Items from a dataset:
'''

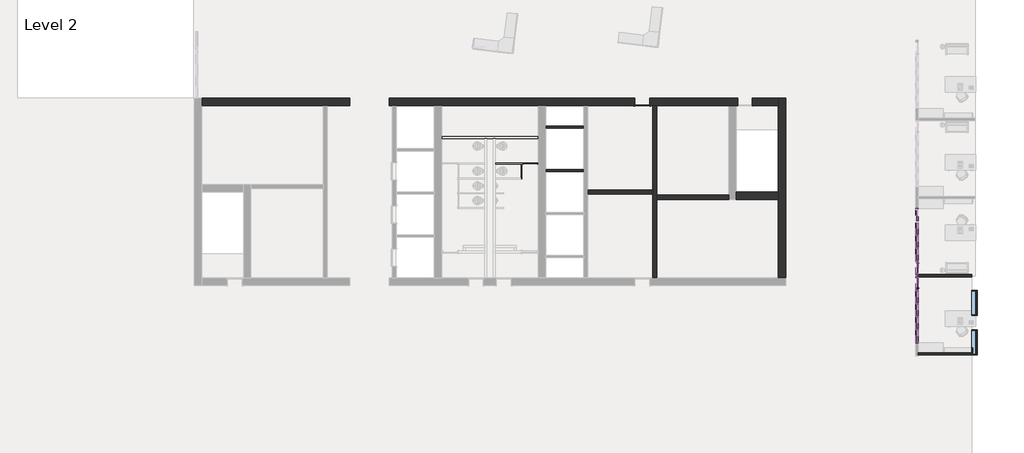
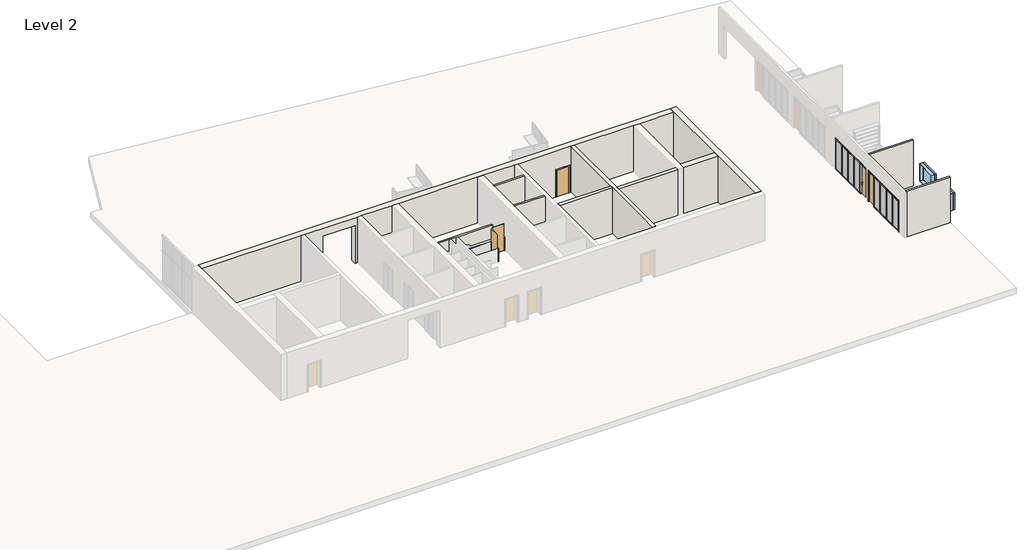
# One storey, part 2 of 7: 49 members, 18 plates, 13 walls, 5 doors, 2 windows.
"""IFC4 building model written with IfcOpenShell, lengths in millimetres."""

from ifc_helpers import new_model, si_unit, frame, origin, place, context, project, spatial, polyline, outline, extrude, faceted_brep, transform, mapped, element, save
from components import curtain_wall_sgl_glass_curtain_wall_sgl_glass_683140d0, curtain_wall_sgl_glass_curtain_wall_sgl_glass_5192a5a3, door_aec9db07, toilet_partitions_2_10_0724d611, door_243abaaa, member_9597caa3, member_b2bde9e6, member_ee409385, member_7ffbafd8, member_47ea2df9, member_5507c937, member_0e55f5ff, member_6d48148e, member_7899ddbe, system_panel_glazed_8093bbd9, system_panel_glazed_f9de1280, system_panel_glazed_6896c6c0, system_panel_glazed_50fd444c, window_7a027cf8

model = new_model("IFC4")

# Units and contexts
model_context = context("Model", 3, world=origin())
ifc_project = project(units=[si_unit("LENGTHUNIT", "METRE", prefix="MILLI")], contexts=[model_context])

# Site, building, storey
site = spatial("IfcSite", under=ifc_project)
building = spatial("IfcBuilding", under=site)
storey = spatial("IfcBuildingStorey", under=building, Name="Level 2", Elevation=3657.6)

# Doors
placement = place(None, origin())
curtain_wall_sgl_glass_curtain_wall_sgl_glass_shape = curtain_wall_sgl_glass_curtain_wall_sgl_glass_683140d0(model_context)
element("IfcDoor", 1, ObjectType="Curtain Wall Sgl Glass : Curtain Wall Sgl Glass", at=placement, inside=storey, context=model_context, shape_type="MappedRepresentation", body=[
    mapped(curtain_wall_sgl_glass_curtain_wall_sgl_glass_shape, transform((11449.2054088, -14715.1428492, 3657.6), x_axis=(0.0, 1.0, 0.0), y_axis=(-1.0, 0.0, 0.0), z_axis=(0.0, 0.0, 1.0))),
])
curtain_wall_sgl_glass_curtain_wall_sgl_glass_2_shape = curtain_wall_sgl_glass_curtain_wall_sgl_glass_5192a5a3(model_context)
element("IfcDoor", 2, ObjectType="Curtain Wall Sgl Glass : Curtain Wall Sgl Glass", at=placement, inside=storey, context=model_context, shape_type="MappedRepresentation", body=[
    mapped(curtain_wall_sgl_glass_curtain_wall_sgl_glass_2_shape, transform((11449.2054088, -13709.3028492, 3657.6), x_axis=(0.0, -1.0, 0.0), y_axis=(1.0, 0.0, 0.0), z_axis=(0.0, 0.0, 1.0))),
])
door_shape = door_aec9db07(model_context)
element("IfcDoor", 3, ObjectType="Single-Flush : 36\" x 84\"", at=placement, inside=storey, context=model_context, shape_type="MappedRepresentation", body=[
    mapped(door_shape, transform((-5525.0427926, -3469.6103492, 3657.6), x_axis=(1.0, 0.0, 0.0), y_axis=(0.0, 1.0, 0.0), z_axis=(0.0, 0.0, 1.0))),
])
toilet_partitions_2_10_shape = toilet_partitions_2_10_0724d611(model_context)
element("IfcDoor", 4, ObjectType="toilet Partitions : 2'10", at=placement, inside=storey, context=model_context, shape_type="MappedRepresentation", body=[
    mapped(toilet_partitions_2_10_shape, transform((-12449.7428559, -7282.7853492, 3657.6), x_axis=(1.0, 0.0, 0.0), y_axis=(0.0, 1.0, 0.0), z_axis=(0.0, 0.0, 1.0))),
])
door_2_shape = door_243abaaa(model_context)
element("IfcDoor", 5, ObjectType="toilet Partitions : 2'5\"", at=placement, inside=storey, context=model_context, shape_type="MappedRepresentation", body=[
    mapped(door_2_shape, transform((-12985.3856498, -7739.9853492, 3657.6), x_axis=(0.0, -1.0, 0.0), y_axis=(1.0, 0.0, 0.0), z_axis=(0.0, 0.0, 1.0))),
])

# Members
member_shape = member_9597caa3(model_context)
element("IfcMember", 6, ObjectType="Rectangular Mullion : 2.5\" x 5\" rectangular", at=placement, inside=storey, context=model_context, shape_type="MappedRepresentation", body=[
    mapped(member_shape, transform((11449.2054088, -13307.9828492, 3721.1), x_axis=(0.0, 1.0, 0.0), y_axis=(1.0, 0.0, 0.0), z_axis=(0.0, 0.0, -1.0))),
])
element("IfcMember", 7, ObjectType="Rectangular Mullion : 2.5\" x 5\" rectangular", at=placement, inside=storey, context=model_context, shape_type="MappedRepresentation", body=[
    mapped(member_shape, transform((11449.2054088, -12505.3428492, 3721.1), x_axis=(0.0, 1.0, 0.0), y_axis=(1.0, 0.0, 0.0), z_axis=(0.0, 0.0, -1.0))),
])
element("IfcMember", 8, ObjectType="Rectangular Mullion : 2.5\" x 5\" rectangular", at=placement, inside=storey, context=model_context, shape_type="MappedRepresentation", body=[
    mapped(member_shape, transform((11449.2054088, -11702.7028492, 3721.1), x_axis=(0.0, 1.0, 0.0), y_axis=(1.0, 0.0, 0.0), z_axis=(0.0, 0.0, -1.0))),
])
member_2_shape = member_b2bde9e6(model_context)
element("IfcMember", 9, ObjectType="Rectangular Mullion : 2.5\" x 5\" rectangular", at=placement, inside=storey, context=model_context, shape_type="MappedRepresentation", body=[
    mapped(member_2_shape, transform((11449.2054088, -10065.6728492, 3721.1), x_axis=(0.0, 1.0, 0.0), y_axis=(1.0, 0.0, 0.0), z_axis=(0.0, 0.0, -1.0))),
])
element("IfcMember", 10, ObjectType="Rectangular Mullion : 2.5\" x 5\" rectangular", at=placement, inside=storey, context=model_context, shape_type="MappedRepresentation", body=[
    mapped(member_shape, transform((11449.2054088, -15116.4628492, 3721.1), x_axis=(0.0, -1.0, 0.0), y_axis=(-1.0, 0.0, 0.0), z_axis=(0.0, 0.0, -1.0))),
])
element("IfcMember", 11, ObjectType="Rectangular Mullion : 2.5\" x 5\" rectangular", at=placement, inside=storey, context=model_context, shape_type="MappedRepresentation", body=[
    mapped(member_shape, transform((11449.2054088, -15919.1028492, 3721.1), x_axis=(0.0, -1.0, 0.0), y_axis=(-1.0, 0.0, 0.0), z_axis=(0.0, 0.0, -1.0))),
])
element("IfcMember", 12, ObjectType="Rectangular Mullion : 2.5\" x 5\" rectangular", at=placement, inside=storey, context=model_context, shape_type="MappedRepresentation", body=[
    mapped(member_shape, transform((11449.2054088, -16721.7428492, 3721.1), x_axis=(0.0, -1.0, 0.0), y_axis=(-1.0, 0.0, 0.0), z_axis=(0.0, 0.0, -1.0))),
])
element("IfcMember", 13, ObjectType="Rectangular Mullion : 2.5\" x 5\" rectangular", at=placement, inside=storey, context=model_context, shape_type="MappedRepresentation", body=[
    mapped(member_shape, transform((11449.2054088, -17524.3828492, 3721.1), x_axis=(0.0, -1.0, 0.0), y_axis=(-1.0, 0.0, 0.0), z_axis=(0.0, 0.0, -1.0))),
])
element("IfcMember", 14, ObjectType="Rectangular Mullion : 2.5\" x 5\" rectangular", at=placement, inside=storey, context=model_context, shape_type="MappedRepresentation", body=[
    mapped(member_2_shape, transform((11449.2054088, -18358.7728492, 3721.1), x_axis=(0.0, -1.0, 0.0), y_axis=(-1.0, 0.0, 0.0), z_axis=(0.0, 0.0, -1.0))),
])
member_3_shape = member_ee409385(model_context)
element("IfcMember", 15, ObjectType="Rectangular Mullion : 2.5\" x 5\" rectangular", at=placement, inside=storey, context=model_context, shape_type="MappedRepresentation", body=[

'''

WHAT YOU ARE ASKED TO DO: Repeat the data word for word, minus any pictures.

RESPONSE BELOW:
# One storey, part 2 of 7: 49 members, 18 plates, 13 walls, 5 doors, 2 windows.
"""IFC4 building model written with IfcOpenShell, lengths in millimetres."""

from ifc_helpers import new_model, si_unit, frame, origin, place, context, project, spatial, polyline, outline, extrude, faceted_brep, transform, mapped, element, save
from components import curtain_wall_sgl_glass_curtain_wall_sgl_glass_683140d0, curtain_wall_sgl_glass_curtain_wall_sgl_glass_5192a5a3, door_aec9db07, toilet_partitions_2_10_0724d611, door_243abaaa, member_9597caa3, member_b2bde9e6, member_ee409385, member_7ffbafd8, member_47ea2df9, member_5507c937, member_0e55f5ff, member_6d48148e, member_7899ddbe, system_panel_glazed_8093bbd9, system_panel_glazed_f9de1280, system_panel_glazed_6896c6c0, system_panel_glazed_50fd444c, window_7a027cf8

model = new_model("IFC4")

# Units and contexts
model_context = context("Model", 3, world=origin())
ifc_project = project(units=[si_unit("LENGTHUNIT", "METRE", prefix="MILLI")], contexts=[model_context])

# Site, building, storey
site = spatial("IfcSite", under=ifc_project)
building = spatial("IfcBuilding", under=site)
storey = spatial("IfcBuildingStorey", under=building, Name="Level 2", Elevation=3657.6)

# Doors
placement = place(None, origin())
curtain_wall_sgl_glass_curtain_wall_sgl_glass_shape = curtain_wall_sgl_glass_curtain_wall_sgl_glass_683140d0(model_context)
element("IfcDoor", 1, ObjectType="Curtain Wall Sgl Glass : Curtain Wall Sgl Glass", at=placement, inside=storey, context=model_context, shape_type="MappedRepresentation", body=[
    mapped(curtain_wall_sgl_glass_curtain_wall_sgl_glass_shape, transform((11449.2054088, -14715.1428492, 3657.6), x_axis=(0.0, 1.0, 0.0), y_axis=(-1.0, 0.0, 0.0), z_axis=(0.0, 0.0, 1.0))),
])
curtain_wall_sgl_glass_curtain_wall_sgl_glass_2_shape = curtain_wall_sgl_glass_curtain_wall_sgl_glass_5192a5a3(model_context)
element("IfcDoor", 2, ObjectType="Curtain Wall Sgl Glass : Curtain Wall Sgl Glass", at=placement, inside=storey, context=model_context, shape_type="MappedRepresentation", body=[
    mapped(curtain_wall_sgl_glass_curtain_wall_sgl_glass_2_shape, transform((11449.2054088, -13709.3028492, 3657.6), x_axis=(0.0, -1.0, 0.0), y_axis=(1.0, 0.0, 0.0), z_axis=(0.0, 0.0, 1.0))),
])
door_shape = door_aec9db07(model_context)
element("IfcDoor", 3, ObjectType="Single-Flush : 36\" x 84\"", at=placement, inside=storey, context=model_context, shape_type="MappedRepresentation", body=[
    mapped(door_shape, transform((-5525.0427926, -3469.6103492, 3657.6), x_axis=(1.0, 0.0, 0.0), y_axis=(0.0, 1.0, 0.0), z_axis=(0.0, 0.0, 1.0))),
])
toilet_partitions_2_10_shape = toilet_partitions_2_10_0724d611(model_context)
element("IfcDoor", 4, ObjectType="toilet Partitions : 2'10", at=placement, inside=storey, context=model_context, shape_type="MappedRepresentation", body=[
    mapped(toilet_partitions_2_10_shape, transform((-12449.7428559, -7282.7853492, 3657.6), x_axis=(1.0, 0.0, 0.0), y_axis=(0.0, 1.0, 0.0), z_axis=(0.0, 0.0, 1.0))),
])
door_2_shape = door_243abaaa(model_context)
element("IfcDoor", 5, ObjectType="toilet Partitions : 2'5\"", at=placement, inside=storey, context=model_context, shape_type="MappedRepresentation", body=[
    mapped(door_2_shape, transform((-12985.3856498, -7739.9853492, 3657.6), x_axis=(0.0, -1.0, 0.0), y_axis=(1.0, 0.0, 0.0), z_axis=(0.0, 0.0, 1.0))),
])

# Members
member_shape = member_9597caa3(model_context)
element("IfcMember", 6, ObjectType="Rectangular Mullion : 2.5\" x 5\" rectangular", at=placement, inside=storey, context=model_context, shape_type="MappedRepresentation", body=[
    mapped(member_shape, transform((11449.2054088, -13307.9828492, 3721.1), x_axis=(0.0, 1.0, 0.0), y_axis=(1.0, 0.0, 0.0), z_axis=(0.0, 0.0, -1.0))),
])
element("IfcMember", 7, ObjectType="Rectangular Mullion : 2.5\" x 5\" rectangular", at=placement, inside=storey, context=model_context, shape_type="MappedRepresentation", body=[
    mapped(member_shape, transform((11449.2054088, -12505.3428492, 3721.1), x_axis=(0.0, 1.0, 0.0), y_axis=(1.0, 0.0, 0.0), z_axis=(0.0, 0.0, -1.0))),
])
element("IfcMember", 8, ObjectType="Rectangular Mullion : 2.5\" x 5\" rectangular", at=placement, inside=storey, context=model_context, shape_type="MappedRepresentation", body=[
    mapped(member_shape, transform((11449.2054088, -11702.7028492, 3721.1), x_axis=(0.0, 1.0, 0.0), y_axis=(1.0, 0.0, 0.0), z_axis=(0.0, 0.0, -1.0))),
])
member_2_shape = member_b2bde9e6(model_context)
element("IfcMember", 9, ObjectType="Rectangular Mullion : 2.5\" x 5\" rectangular", at=placement, inside=storey, context=model_context, shape_type="MappedRepresentation", body=[
    mapped(member_2_shape, transform((11449.2054088, -10065.6728492, 3721.1), x_axis=(0.0, 1.0, 0.0), y_axis=(1.0, 0.0, 0.0), z_axis=(0.0, 0.0, -1.0))),
])
element("IfcMember", 10, ObjectType="Rectangular Mullion : 2.5\" x 5\" rectangular", at=placement, inside=storey, context=model_context, shape_type="MappedRepresentation", body=[
    mapped(member_shape, transform((11449.2054088, -15116.4628492, 3721.1), x_axis=(0.0, -1.0, 0.0), y_axis=(-1.0, 0.0, 0.0), z_axis=(0.0, 0.0, -1.0))),
])
element("IfcMember", 11, ObjectType="Rectangular Mullion : 2.5\" x 5\" rectangular", at=placement, inside=storey, context=model_context, shape_type="MappedRepresentation", body=[
    mapped(member_shape, transform((11449.2054088, -15919.1028492, 3721.1), x_axis=(0.0, -1.0, 0.0), y_axis=(-1.0, 0.0, 0.0), z_axis=(0.0, 0.0, -1.0))),
])
element("IfcMember", 12, ObjectType="Rectangular Mullion : 2.5\" x 5\" rectangular", at=placement, inside=storey, context=model_context, shape_type="MappedRepresentation", body=[
    mapped(member_shape, transform((11449.2054088, -16721.7428492, 3721.1), x_axis=(0.0, -1.0, 0.0), y_axis=(-1.0, 0.0, 0.0), z_axis=(0.0, 0.0, -1.0))),
])
element("IfcMember", 13, ObjectType="Rectangular Mullion : 2.5\" x 5\" rectangular", at=placement, inside=storey, context=model_context, shape_type="MappedRepresentation", body=[
    mapped(member_shape, transform((11449.2054088, -17524.3828492, 3721.1), x_axis=(0.0, -1.0, 0.0), y_axis=(-1.0, 0.0, 0.0), z_axis=(0.0, 0.0, -1.0))),
])
element("IfcMember", 14, ObjectType="Rectangular Mullion : 2.5\" x 5\" rectangular", at=placement, inside=storey, context=model_context, shape_type="MappedRepresentation", body=[
    mapped(member_2_shape, transform((11449.2054088, -18358.7728492, 3721.1), x_axis=(0.0, -1.0, 0.0), y_axis=(-1.0, 0.0, 0.0), z_axis=(0.0, 0.0, -1.0))),
])
member_3_shape = member_ee409385(model_context)
element("IfcMember", 15, ObjectType="Rectangular Mullion : 2.5\" x 5\" rectangular", at=placement, inside=storey, context=model_context, shape_type="MappedRepresentation", body=[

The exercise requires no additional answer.